# RTA UPGRADE: Juggerknot v2 or Dead Rabbit v2?



## Peach23 (11/11/20)

Hi, 

I want to get a new dual coil rta and have decided on either the QP Design Juggerknot v2 or the Hellvape Dead Rabbit v2. What would you guys recommend? Please give reason why you prefer your answer. Thanks!

Reactions: Like 1


----------



## CashKat88 (11/11/20)

TBH I haven't tried either of these yet but I'm a fan of QP Designs products, always well built and flavour production is always on point.

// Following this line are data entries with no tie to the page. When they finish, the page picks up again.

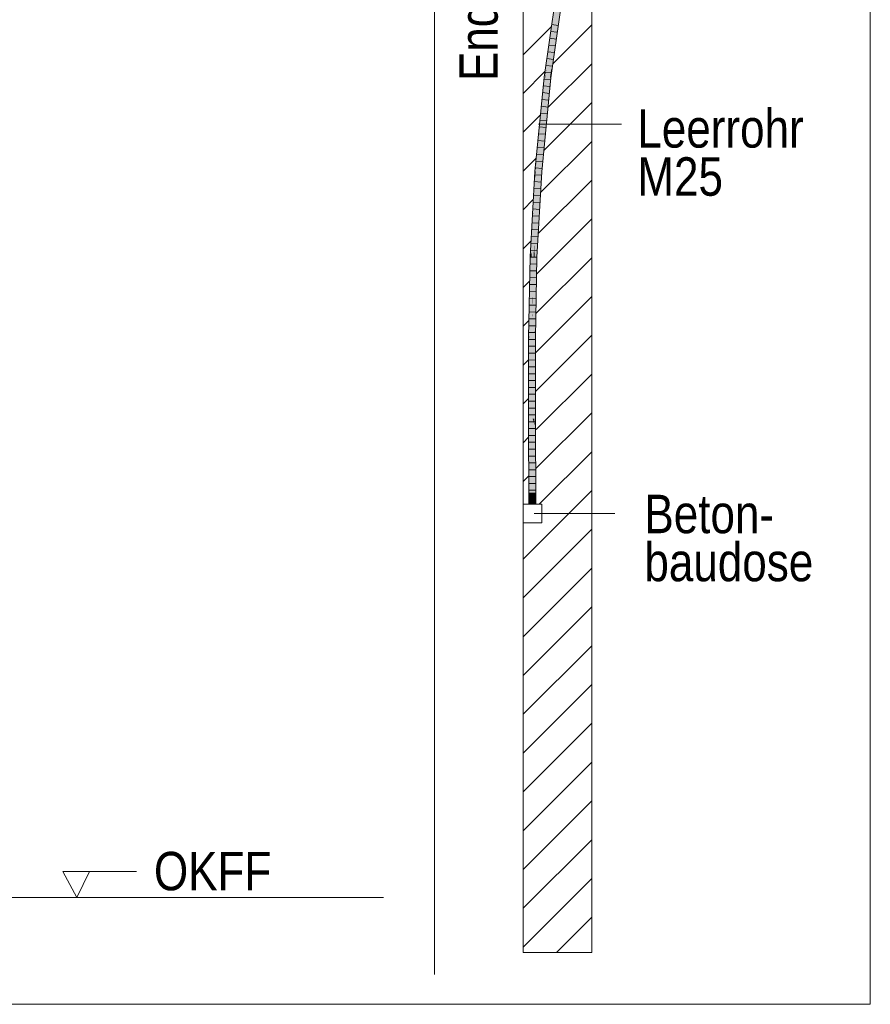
# Model space of a CAD drawing. Extents: x -620 to 300, y 62 to 1162.
# Tile 113 of 256: x 157 to 188, y 722 to 758. Entities that reach past the tile are written whole.
import ezdxf
from ezdxf.lldxf.tags import DXFTag

# ---------------------------------------------------------------- set-up
doc = ezdxf.new("R2010")
doc.units = 0
doc.layers.get('0').update_dxf_attribs({"lineweight": 13})
for name, color, linetype, lineweight, true_color in [('E_Betonbaudose', 1, 'Continuous', 13, 0xff0000), ('E_Detail_Beschriftung', 7, 'Continuous', 13, 0x009900), ('E_Detail_Wandschraffur', 7, 'Continuous', 5, 0xc0c0c0), ('E_Leerrohr 25-A06G955E8I', 7, 'Continuous', 9, 0xff8000), ('E_Leerrohr 25-Shading', 7, 'Continuous', 9, 0xff8000)]:
    doc.layers.add(name, color=color, linetype=linetype, lineweight=lineweight, true_color=true_color)
doc.layers.add('E_Detail_Linie_Text_Bem', color=7, linetype='Continuous', lineweight=13)
doc.styles.get("Standard").update_dxf_attribs({"font": 'ARIALN.TTF'})
tags = doc.linetypes.add('fein_strichliert', pattern=[4, 1, -2, 1]).pattern_tags.tags
tags[8:9] = [DXFTag(74, 4), DXFTag(75, 0), DXFTag(340, '0'), DXFTag(46, 0.0), DXFTag(50, 0.0), DXFTag(44, 0.0), DXFTag(45, 0.0)]
tags[6:7] = [DXFTag(74, 4), DXFTag(75, 0), DXFTag(340, '0'), DXFTag(46, 0.0), DXFTag(50, 0.0), DXFTag(44, 0.0), DXFTag(45, 0.0)]
tags[4:5] = [DXFTag(74, 4), DXFTag(75, 0), DXFTag(340, '0'), DXFTag(46, 0.0), DXFTag(50, 0.0), DXFTag(44, 0.0), DXFTag(45, 0.0)]
tags = doc.linetypes.add('fein_strichliert-A06G955H8I', pattern=[4, 1, -2, 1]).pattern_tags.tags
tags[8:9] = [DXFTag(74, 4), DXFTag(75, 0), DXFTag(340, '0'), DXFTag(46, 0.0), DXFTag(50, 0.0), DXFTag(44, 0.0), DXFTag(45, 0.0)]
tags[6:7] = [DXFTag(74, 4), DXFTag(75, 0), DXFTag(340, '0'), DXFTag(46, 0.0), DXFTag(50, 0.0), DXFTag(44, 0.0), DXFTag(45, 0.0)]
tags[4:5] = [DXFTag(74, 4), DXFTag(75, 0), DXFTag(340, '0'), DXFTag(46, 0.0), DXFTag(50, 0.0), DXFTag(44, 0.0), DXFTag(45, 0.0)]
tags = doc.linetypes.add('STRICHPUNKT2-A06G955F8I', pattern=[12.7, 6.35, -3.175, 0, -3.175]).pattern_tags.tags
tags[10:11] = [DXFTag(74, 4), DXFTag(75, 0), DXFTag(340, '0'), DXFTag(46, 0.0), DXFTag(50, 0.0), DXFTag(44, 0.0), DXFTag(45, 0.0)]
tags[8:9] = [DXFTag(74, 4), DXFTag(75, 0), DXFTag(340, '0'), DXFTag(46, 0.0), DXFTag(50, 0.0), DXFTag(44, 0.0), DXFTag(45, 0.0)]
tags[6:7] = [DXFTag(74, 4), DXFTag(75, 0), DXFTag(340, '0'), DXFTag(46, 0.0), DXFTag(50, 0.0), DXFTag(44, 0.0), DXFTag(45, 0.0)]
tags[4:5] = [DXFTag(74, 4), DXFTag(75, 0), DXFTag(340, '0'), DXFTag(46, 0.0), DXFTag(50, 0.0), DXFTag(44, 0.0), DXFTag(45, 0.0)]

# ---------------------------------------------------------------- blocks, each defined once
blk = doc.blocks.new('Shading-A06G94UZ8I', base_point=(176.137, 828.711))
at = {"layer": 'E_Leerrohr 25-Shading', "color": 31, "true_color": 0xfabd7f}
for points in [[(177.143, 759.692), (176.804, 757.307), (177.231, 759.679), (176.789, 756.573)], [(177.297, 759.669), (177.231, 759.679), (176.805, 756.052), (176.789, 756.573)], [(177.297, 759.669), (176.805, 756.052), (177.302, 759.551)], [(176.789, 756.573), (176.804, 757.307), (176.599, 755.763), (176.632, 756.091)], [(176.789, 756.573), (176.599, 755.763), (176.673, 755.754)], [(176.789, 756.573), (176.673, 755.754), (176.805, 756.052), (176.761, 755.743)], [(176.632, 756.091), (176.585, 755.765), (176.599, 755.763)], [(176.585, 755.765), (176.328, 753.159), (176.334, 752.32), (176.279, 752.324)], [(176.599, 755.763), (176.585, 755.765), (176.334, 752.32)], [(176.673, 755.754), (176.599, 755.763), (176.334, 752.32)], [(176.334, 752.32), (176.423, 752.313), (176.673, 755.754), (176.761, 755.743)], [(176.328, 753.159), (176.246, 752.327), (176.279, 752.324)], [(176.187, 749.647), (176.334, 752.32), (176.193, 750.012), (176.279, 752.324)], [(176.334, 752.32), (176.187, 749.647), (176.251, 749.209), (176.204, 749.211)], [(176.279, 752.324), (176.246, 752.327), (176.193, 750.012), (176.205, 750.8)], [(176.205, 750.8), (176.246, 752.327), (176.223, 751.909)], [(176.334, 752.32), (176.251, 749.209), (176.423, 752.313)], [(176.223, 751.909), (176.188, 750.864), (176.163, 749.212), (176.162, 749.212)], [(176.223, 751.909), (176.163, 749.212), (176.205, 750.8)], [(176.188, 750.864), (176.223, 751.909), (176.198, 751.453)], [(176.198, 751.453), (176.134, 749.213), (176.188, 750.864)], [(176.134, 749.213), (176.198, 751.453), (176.136, 749.384), (176.187, 751.248)], [(176.187, 751.248), (176.166, 750.868), (176.136, 749.384), (176.151, 750.307)], [(176.188, 750.864), (176.134, 749.213), (176.162, 749.212)], [(176.166, 750.868), (176.158, 750.734), (176.151, 750.307)], [(176.151, 750.307), (176.158, 750.734), (176.093, 749.215), (176.085, 749.41)], [(176.193, 750.012), (176.205, 750.8), (176.163, 749.212)], [(176.151, 750.307), (176.093, 749.215), (176.123, 749.214)], [(176.123, 749.214), (176.132, 749.213), (176.151, 750.307), (176.136, 749.383)], [(176.187, 749.647), (176.193, 750.012), (176.163, 749.212)], [(176.085, 749.41), (176.074, 749.215), (176.093, 749.215)], [(176.132, 749.213), (176.134, 749.213), (176.136, 749.383)], [(176.187, 749.647), (176.163, 749.212), (176.204, 749.211)], [(176.023, 746.268), (176.074, 749.215), (176.02, 746.45)], [(176.023, 746.268), (176.106, 746.99), (176.074, 749.215), (176.111, 747.597)], [(176.093, 749.215), (176.074, 749.215), (176.112, 747.79), (176.111, 747.597)], [(176.123, 749.214), (176.093, 749.215), (176.112, 747.79)], [(176.132, 749.213), (176.123, 749.214), (176.116, 747.513), (176.112, 747.79)], [(176.122, 747.123), (176.134, 749.213), (176.116, 747.513), (176.132, 749.213)], [(176.122, 747.123), (176.163, 749.212), (176.134, 749.213)], [(176.193, 746.266), (176.163, 749.212), (176.133, 746.267), (176.122, 747.123)], [(176.223, 747.797), (176.204, 749.211), (176.169, 748.642), (176.163, 749.212)], [(176.251, 749.209), (176.204, 749.211), (176.223, 747.797)], [(176.169, 748.642), (176.193, 746.266), (176.198, 746.512)], [(176.223, 747.797), (176.169, 748.642), (176.198, 746.512)], [(176.111, 747.597), (176.106, 746.99), (176.115, 747.405), (176.112, 747.039)], [(176.112, 747.79), (176.111, 747.597), (176.116, 747.513), (176.115, 747.405)], [(176.112, 747.039), (176.122, 747.123), (176.115, 747.405)], [(176.115, 747.405), (176.122, 747.123), (176.116, 747.513)], [(176.106, 746.99), (176.023, 746.268), (176.101, 746.267)], [(176.101, 746.267), (176.105, 746.267), (176.106, 746.99), (176.112, 747.039)], [(176.122, 747.123), (176.105, 746.267), (176.117, 746.267)], [(176.105, 746.267), (176.122, 747.123), (176.112, 747.039)], [(176.122, 747.123), (176.117, 746.267), (176.133, 746.267)], [(176.02, 746.45), (176.016, 746.268), (176.023, 746.268)], [(176.016, 746.268), (176.02, 743.53), (176.023, 746.268)], [(176.023, 746.268), (176.02, 743.53), (176.101, 746.267), (176.101, 746.142)], [(176.101, 746.142), (176.02, 743.53), (176.109, 743.32), (176.02, 743.32)], [(176.105, 746.267), (176.101, 746.142), (176.109, 743.32)], [(176.101, 746.142), (176.105, 746.267), (176.101, 746.267)], [(176.105, 746.267), (176.109, 743.32), (176.117, 746.267), (176.118, 743.32)], [(176.117, 746.267), (176.118, 743.32), (176.133, 746.267), (176.131, 743.32)], [(176.131, 743.32), (176.197, 743.32), (176.133, 746.267), (176.193, 746.266)], [(176.033, 740.207), (176.122, 740.207), (176.02, 743.32), (176.109, 743.32)], [(176.109, 743.32), (176.122, 740.207), (176.118, 743.32)], [(176.118, 743.32), (176.122, 740.207), (176.131, 743.32)], [(176.131, 743.32), (176.122, 740.207), (176.198, 743.085), (176.19, 740.207)], [(176.131, 743.32), (176.198, 743.085), (176.197, 743.32)], [(176.19, 740.207), (176.21, 740.207), (176.198, 743.085)]]:
    blk.add_solid(points, dxfattribs=at)
at = {"layer": 'E_Leerrohr 25-Shading', "color": 43, "true_color": 0xd7ab7f}
for points in [[(177.107, 759.697), (176.841, 757.824), (177.143, 759.692), (176.804, 757.307)], [(177.302, 759.551), (176.805, 756.052), (177.338, 759.549), (176.841, 756.05)], [(176.841, 757.824), (176.708, 756.87), (176.727, 756.829), (176.669, 756.47)], [(176.708, 756.87), (176.841, 757.824), (176.715, 756.939)], [(176.841, 757.824), (176.727, 756.829), (176.823, 757.572)], [(176.632, 756.091), (176.804, 757.307), (176.727, 756.829)], [(176.727, 756.829), (176.804, 757.307), (176.823, 757.572)], [(176.6, 756.129), (176.555, 755.768), (176.715, 756.939), (176.708, 756.87)], [(176.708, 756.87), (176.555, 755.768), (176.669, 756.47)], [(176.631, 756.09), (176.632, 756.091), (176.669, 756.47), (176.727, 756.829)], [(176.555, 755.768), (176.585, 755.765), (176.669, 756.47), (176.631, 756.09)], [(176.6, 756.129), (176.549, 755.769), (176.555, 755.768)], [(176.791, 755.74), (176.841, 756.05), (176.761, 755.743), (176.807, 756.052)], [(176.807, 756.052), (176.805, 756.052), (176.761, 755.743)], [(176.841, 756.05), (176.841, 756.05), (176.797, 755.739), (176.791, 755.74)], [(176.328, 753.159), (176.555, 755.768), (176.347, 753.467), (176.549, 755.769)], [(176.585, 755.765), (176.555, 755.768), (176.328, 753.159)], [(176.347, 753.467), (176.549, 755.769), (176.383, 754.088)], [(176.648, 754.411), (176.761, 755.743), (176.423, 752.313)], [(176.797, 755.739), (176.791, 755.74), (176.542, 753.147), (176.648, 754.411)], [(176.791, 755.74), (176.761, 755.743), (176.648, 754.411)], [(176.542, 753.147), (176.648, 754.411), (176.445, 752.311), (176.423, 752.313)], [(176.24, 752.327), (176.246, 752.327), (176.383, 754.088), (176.347, 753.467)], [(176.24, 752.327), (176.383, 754.088), (176.312, 753.362)], [(176.232, 752.328), (176.312, 753.362), (176.286, 753.107)], [(176.232, 752.328), (176.234, 752.328), (176.312, 753.362), (176.27, 752.757)], [(176.328, 753.159), (176.347, 753.467), (176.246, 752.327)], [(176.286, 753.107), (176.247, 752.703), (176.232, 752.328), (176.221, 752.329)], [(176.445, 752.311), (176.459, 752.31), (176.542, 753.147)], [(176.247, 752.703), (176.21, 752.329), (176.221, 752.329)], [(176.234, 752.328), (176.24, 752.327), (176.27, 752.757)], [(176.193, 751.933), (176.17, 751.029), (176.216, 752.329), (176.205, 751.937)], [(176.225, 752.134), (176.232, 752.328), (176.191, 751.417), (176.192, 751.447)], [(176.192, 751.447), (176.232, 752.328), (176.205, 751.937), (176.221, 752.329)], [(176.193, 751.933), (176.216, 752.329), (176.21, 752.329)], [(176.193, 751.933), (176.21, 752.329), (176.197, 752.1)], [(176.225, 752.134), (176.198, 751.453), (176.24, 752.327), (176.223, 751.909)], [(176.205, 751.937), (176.221, 752.329), (176.216, 752.329)], [(176.223, 751.909), (176.246, 752.327), (176.24, 752.327)], [(176.232, 752.328), (176.225, 752.134), (176.234, 752.328)], [(176.225, 752.134), (176.24, 752.327), (176.234, 752.328)], [(176.377, 751.226), (176.423, 752.313), (176.251, 749.209)], [(176.459, 752.31), (176.445, 752.311), (176.312, 749.644), (176.377, 751.226)], [(176.445, 752.311), (176.423, 752.313), (176.377, 751.226)], [(176.085, 749.41), (176.193, 751.933), (176.038, 749.217), (176.197, 752.1)], [(176.158, 750.734), (176.17, 751.029), (176.085, 749.41), (176.193, 751.933)], [(176.17, 751.029), (176.166, 750.868), (176.205, 751.937), (176.192, 751.447)], [(176.206, 751.668), (176.225, 752.134), (176.187, 751.248), (176.191, 751.417)], [(176.187, 751.248), (176.198, 751.453), (176.206, 751.668)], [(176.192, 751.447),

If you haven't tried the QP M25 Fatality yet then you must because the flavour that comes from that atty is amazing, my favorite dual coil RTA to date.

Reactions: Like 3


----------



## CJB85 (11/11/20)

Purely based on online reviews, I would say the JK 2... every review of the Rabbit I have seen has been lackluster, while Bogan rates the JK as the best top airflow RTA he has ever used.

Reactions: Like 2 | Winner 2


----------



## LeislB (11/11/20)

I have both, what do you vape mostly, fruit or dessert? I find the that the Dead rabbit V2 RTA shines with dessert juices, they are amazing in there. I use the Juggerknot for fruits and it does really well with them.

Reactions: Like 5 | Informative 2


----------



## Peach23 (11/11/20)

Yeah I also read/watched a lot of reviews. Thats why I'm not sure. I have only been vaping a rta for about 6months ( Hellvape Destiny). The juggerknot v2 is really grabbing my attention, but also I've heard great things from the DRv2.

Thanks for all the comments..

Reactions: Like 1


----------



## Peach23 (11/11/20)

LeislB said:


> I have both, what do you vape mostly, fruit or dessert? I find the that the Dead rabbit V2 RTA shines with dessert juices, they are amazing in there. I use the Juggerknot for fruits and it does really well with them.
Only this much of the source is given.